= ACTIVITY =
Tally the lines in the data below where the word "radius" appears, and give the tally alone.

= AVAILABLE RECORDS =
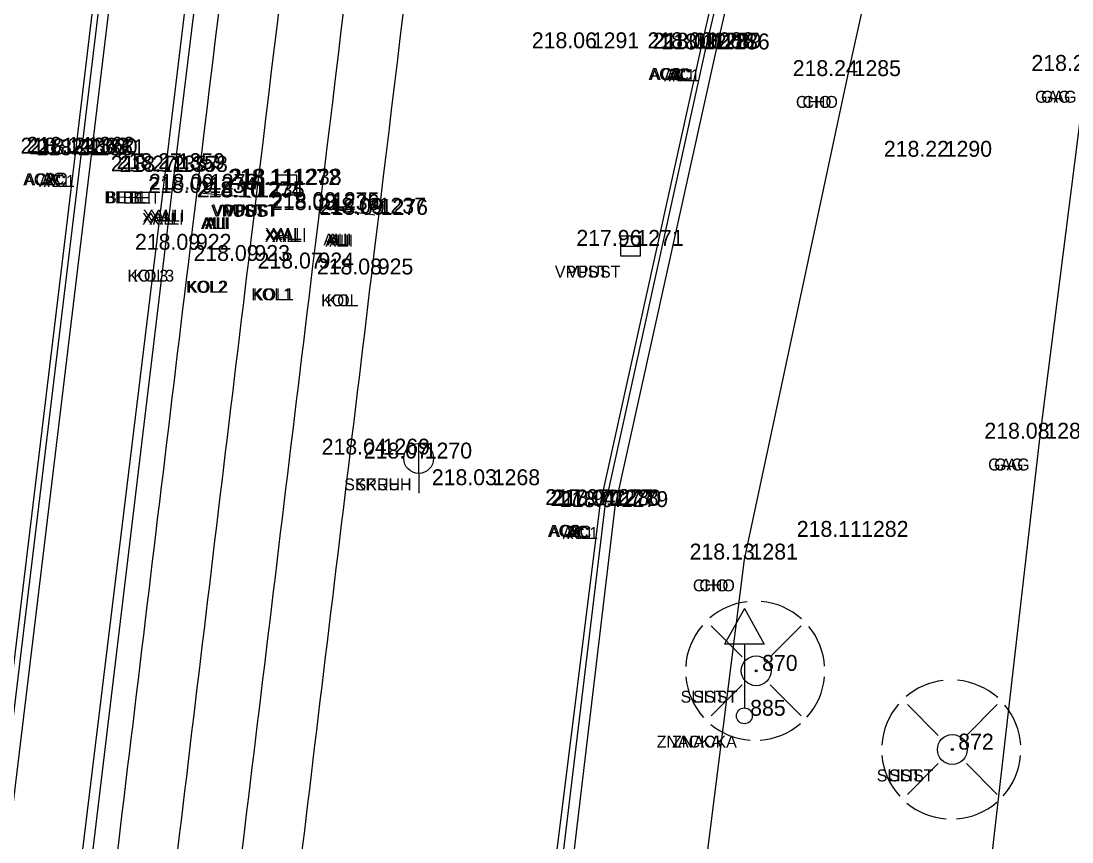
# Model space of a CAD drawing. Extents: x -471047 to -470889, y -1102859 to -1102000.
# Drawn here: x -470973.87 to -470947.45, y -1102499.4 to -1102478.75 of the extents above; entities that cross this region are included whole.
import ezdxf

# ---------------------------------------------------------------- set-up
doc = ezdxf.new("R2010")
doc.units = 0
for name, color, linetype in [('Vrstva 1', 7, 'Continuous'), ('Vrstva 16', 7, 'Continuous'), ('Vrstva 19', 7, 'Continuous'), ('Vrstva 25', 7, 'Continuous'), ('Vrstva 29', 7, 'Continuous'), ('Vrstva 34', 7, 'Continuous'), ('Vrstva 35', 7, 'Continuous'), ('Vrstva 36', 7, 'Continuous'), ('Vrstva 38', 7, 'Continuous'), ('Vrstva 5', 7, 'Continuous'), ('Vrstva 6', 7, 'Continuous'), ('Vrstva 7', 7, 'Continuous'), ('Vrstva 8', 7, 'Continuous')]:
    doc.layers.add(name, color=color, linetype=linetype)

msp = doc.modelspace()

# ---------------------------------------------------------------- linework, layer by layer
at = {"layer": 'Vrstva 1'}
for points in [[(-471040.344, -1102858.385), (-471031.676, -1102846.187), (-471026.357, -1102838.629), (-471023.212, -1102833.975), (-471019.21, -1102827.465), (-471016.861, -1102823.272), (-471013.099, -1102815.912), (-471010.824, -1102810.955), (-471007.329, -1102802.292), (-471005.34, -1102796.515), (-471002.842, -1102787.838), (-471001.3, -1102780.997), (-471000.19, -1102774.713), (-470999.247, -1102768.204), (-470998.794, -1102764.784), (-470997.199, -1102751.812), (-470994.899, -1102732.807), (-470992.551, -1102713.262), (-470990.326, -1102694.887), (-470988.122, -1102676.57), (-470985.812, -1102657.305), (-470983.537, -1102638.407), (-470981.386, -1102620.622), (-470979.843, -1102608.014), (-470976.377, -1102579.253), (-470972.945, -1102550.69), (-470970.475, -1102530.206), (-470967.905, -1102508.801), (-470965.053, -1102485.131), (-470962.734, -1102465.9), (-470960.173, -1102444.812), (-470957.795, -1102425.103), (-470954.965, -1102401.839), (-470953.834, -1102392.574), (-470952.33, -1102379.985), (-470950.744, -1102366.853), (-470948.978, -1102352.106), (-470947.037, -1102335.844), (-470944.949, -1102318.462), (-470944.013, -1102310.745), (-470942.39, -1102297.267), (-470939.519, -1102273.45), (-470937.593, -1102257.43), (-470936.064, -1102244.81), (-470934.114, -1102228.634), (-470931.621, -1102207.856), (-470929.536, -1102190.857), (-470926.572, -1102166.31), (-470924.91, -1102152.663), (-470923.413, -1102140.333), (-470921.923, -1102127.669), (-470921.155, -1102120.084), (-470920.446, -1102109.574), (-470919.912, -1102099.137), (-470919.63, -1102088.981), (-470919.523, -1102081.193), (-470919.563, -1102070.395), (-470919.714, -1102064.236), (-470920.134, -1102054.704), (-470920.462, -1102047.615), (-470920.599, -1102044.52), (-470920.743, -1102041.873), (-470921.125, -1102034.455), (-470921.774, -1102030.337), (-470922.418, -1102027.787), (-470923.734, -1102023.93), (-470924.872, -1102021.434), (-470926.752, -1102018.182), (-470927.953, -1102016.45), (-470929.616, -1102014.424), (-470932.252, -1102011.756), (-470935.111, -1102009.425), (-470938.391, -1102007.371), (-470942.651, -1102005.401)], [(-471041.328, -1102857.18), (-471032.144, -1102844.242), (-471027.583, -1102837.763), (-471024.388, -1102833.028), (-471020.451, -1102826.6), (-471018.089, -1102822.378), (-471014.542, -1102815.445), (-471012.233, -1102810.418), (-471009.247, -1102803.108), (-471006.795, -1102796.098), (-471004.315, -1102787.532), (-471002.782, -1102780.723), (-471001.674, -1102774.458), (-471000.75, -1102768.095), (-471000.28, -1102764.601), (-470998.692, -1102751.741), (-470996.378, -1102732.635), (-470994.028, -1102713.058), (-470991.808, -1102694.749), (-470989.616, -1102676.447), (-470987.284, -1102657.013), (-470985.031, -1102638.272), (-470982.87, -1102620.431), (-470981.334, -1102607.933), (-470977.881, -1102579.263), (-470974.429, -1102550.492), (-470971.964, -1102530.054), (-470969.391, -1102508.607), (-470966.54, -1102484.984), (-470964.231, -1102465.853), (-470961.679, -1102444.752), (-470959.304, -1102425.078), (-470956.455, -1102401.634), (-470955.339, -1102392.489), (-470953.812, -1102379.71), (-470952.249, -1102366.808), (-470950.479, -1102352.023), (-470948.536, -1102335.868), (-470946.426, -1102318.233), (-470945.493, -1102310.531), (-470943.864, -1102297.013), (-470940.984, -1102273.071), (-470939.078, -1102257.195), (-470937.559, -1102244.684), (-470935.592, -1102228.353), (-470933.101, -1102207.653), (-470931.011, -1102190.57), (-470928.046, -1102166.021), (-470926.409, -1102152.578), (-470924.898, -1102140.121), (-470923.427, -1102127.544), (-470922.647, -1102119.826), (-470921.919, -1102109.229), (-470921.42, -1102099.134), (-470921.127, -1102089.016), (-470921.023, -1102081.453), (-470921.061, -1102070.468), (-470921.209, -1102064.314), (-470921.666, -1102053.966), (-470922.156, -1102043.345), (-470922.299, -1102039.934), (-470922.637, -1102034.36), (-470923.091, -1102031.241), (-470923.847, -1102028.247), (-470925.083, -1102024.594), (-470926.222, -1102022.086), (-470928.04, -1102018.943), (-470929.138, -1102017.357), (-470930.929, -1102015.175), (-470933.062, -1102013.049), (-470936.379, -1102010.368), (-470939.169, -1102008.662), (-470942.899, -1102006.906), (-470945.661, -1102005.908)], [(-471043.557, -1102855.955), (-471035.129, -1102844.026), (-471029.872, -1102836.499), (-471026.577, -1102831.578), (-471022.675, -1102825.415), (-471020.123, -1102821.053), (-471016.667, -1102814.59), (-471014.208, -1102809.45), (-471011.177, -1102802.451), (-471008.55, -1102795.333), (-471006.082, -1102787.209), (-471004.464, -1102780.376), (-471003.265, -1102774.167), (-471002.327, -1102767.948), (-471001.636, -1102762.527), (-471000.297, -1102751.605), (-470997.959, -1102732.524), (-470995.602, -1102712.802), (-470993.412, -1102694.623), (-470991.21, -1102676.17), (-470988.891, -1102656.857), (-470986.625, -1102638.083), (-470984.455, -1102620.195), (-470982.936, -1102607.733), (-470979.497, -1102579.223), (-470976.023, -1102550.279), (-470973.554, -1102529.822), (-470970.991, -1102508.497), (-470968.146, -1102484.787), (-470965.835, -1102465.72), (-470963.284, -1102444.529), (-470960.91, -1102424.942), (-470958.043, -1102401.343), (-470956.946, -1102392.356), (-470955.396, -1102379.408), (-470953.851, -1102366.636), (-470952.049, -1102351.733), (-470950.124, -1102335.611), (-470948.034, -1102318.083), (-470947.094, -1102310.328), (-470945.421, -1102296.51), (-470942.58, -1102272.848), (-470940.675, -1102256.948), (-470939.176, -1102244.526), (-470937.187, -1102228.174), (-470934.708, -1102207.467), (-470932.621, -1102190.433), (-470929.634, -1102165.778), (-470928.004, -1102152.415), (-470926.45, -1102139.595), (-470925.003, -1102127.418), (-470924.249, -1102119.695), (-470923.515, -1102109.093), (-470923.018, -1102099.069), (-470922.711, -1102088.911), (-470922.643, -1102081.356), (-470922.797, -1102070.414), (-470923.018, -1102064.454), (-470923.52, -1102053.203), (-470923.823, -1102047.529), (-470924.123, -1102041.506), (-470924.462, -1102037.486), (-470924.934, -1102031.904), (-470925.664, -1102028.672), (-470926.771, -1102025.506), (-470927.959, -1102022.914), (-470929.674, -1102020.028), (-470930.76, -1102018.498), (-470932.447, -1102016.478), (-470935.215, -1102013.816), (-470937.644, -1102011.98), (-470940.381, -1102010.371), (-470943.968, -1102008.669), (-470947.145, -1102007.524), (-470950.874, -1102006.74)], [(-471044.756, -1102855.056), (-471036.376, -1102843.177), (-471031.167, -1102835.741), (-471027.859, -1102830.8), (-471023.934, -1102824.593), (-471021.43, -1102820.312), (-471018.011, -1102813.91), (-471015.536, -1102808.75), (-471012.578, -1102801.897), (-471009.95, -1102794.77), (-471007.561, -1102786.914), (-471005.936, -1102780.074), (-471004.727, -1102773.818), (-471003.828, -1102767.827), (-471003.121, -1102762.345), (-471001.787, -1102751.467), (-470999.446, -1102732.348), (-470997.073, -1102712.539), (-470994.902, -1102694.521), (-470992.696, -1102676.023), (-470990.376, -1102656.68), (-470988.131, -1102638.071), (-470985.947, -1102620.018), (-470984.417, -1102607.512), (-470980.993, -1102579.08), (-470977.514, -1102550.137), (-470975.048, -1102529.649), (-470972.488, -1102508.37), (-470969.618, -1102484.508), (-470967.34, -1102465.669), (-470964.767, -1102444.39), (-470962.402, -1102424.781), (-470959.534, -1102401.193), (-470958.432, -1102392.151), (-470956.883, -1102379.208), (-470955.335, -1102366.424), (-470953.535, -1102351.506), (-470951.606, -1102335.399), (-470949.519, -1102317.94), (-470948.575, -1102310.159), (-470946.889, -1102296.144), (-470944.056, -1102272.618), (-470942.139, -1102256.659), (-470940.657, -1102244.341), (-470938.638, -1102227.749), (-470936.19, -1102207.298), (-470934.102, -1102190.255), (-470931.124, -1102165.639), (-470929.492, -1102152.254), (-470927.915, -1102139.252), (-470926.46, -1102127.103), (-470925.74, -1102119.604), (-470925.012, -1102108.913), (-470924.523, -1102099.054), (-470924.217, -1102088.866), (-470924.148, -1102081.334), (-470924.301, -1102070.391), (-470924.518, -1102064.43), (-470924.97, -1102054.435), (-470925.588, -1102041.569), (-470925.963, -1102035.313), (-470926.405, -1102032.225), (-470927.078, -1102029.198), (-470928.123, -1102026.148), (-470929.318, -1102023.558), (-470930.84, -1102020.97), (-470931.868, -1102019.515), (-470933.443, -1102017.605), (-470936.26, -1102014.885), (-470938.429, -1102013.255), (-470941.213, -1102011.639), (-470944.847, -1102009.927), (-470947.723, -1102008.912), (-470951.444, -1102008.161), (-470954.511, -1102007.931), (-470957.895, -1102008.041)]]:
    msp.add_spline(points, degree=3, dxfattribs=at)
at = {"layer": 'Vrstva 16'}
for p, q in [((-470955.746, -1102494.743), (-470956.52, -1102493.968)), ((-470955.036, -1102494.743), (-470954.26, -1102493.968)), ((-470955.746, -1102495.453), (-470956.52, -1102496.228)), ((-470955.036, -1102495.453), (-470954.26, -1102496.228)), ((-470950.816, -1102496.723), (-470951.59, -1102495.948)), ((-470950.106, -1102496.723), (-470949.33, -1102495.948)), ((-470950.816, -1102497.433), (-470951.59, -1102498.208)), ((-470950.106, -1102497.433), (-470949.33, -1102498.208))]:
    msp.add_line(p, q, dxfattribs=at)
for centre, radius in [((-470955.39, -1102495.098), 0.375), ((-470955.39, -1102495.098), 0.025), ((-470955.39, -1102495.098), 0.025), ((-470950.46, -1102497.078), 0.375), ((-470950.46, -1102497.078), 0.025), ((-470950.46, -1102497.078), 0.025)]:
    msp.add_circle(centre, radius, dxfattribs=at)
for centre, start, end in [((-470955.416, -1102495.098), 96.7144, 130.447), ((-470955.416, -1102495.098), 48.1897, 84.9117), ((-470955.416, -1102495.098), 139.23, 176.4602), ((-470955.416, -1102495.098), 3.8615, 39.6013), ((-470955.416, -1102495.098), 184.9408, 222.2827), ((-470955.416, -1102495.098), 318.1086, 355.0481), ((-470950.486, -1102497.078), 96.7144, 130.447), ((-470950.486, -1102497.078), 48.1897, 84.9117), ((-470950.486, -1102497.078), 139.23, 176.4602), ((-470950.486, -1102497.078), 3.8615, 39.6013), ((-470955.416, -1102495.098), 230.4703, 265.8356), ((-470955.416, -1102495.098), 274.1732, 310.7861), ((-470950.486, -1102497.078), 184.9408, 222.2827), ((-470950.486, -1102497.078), 318.1086, 355.0481), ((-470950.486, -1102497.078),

= RESULT FOR THIS TASK =
2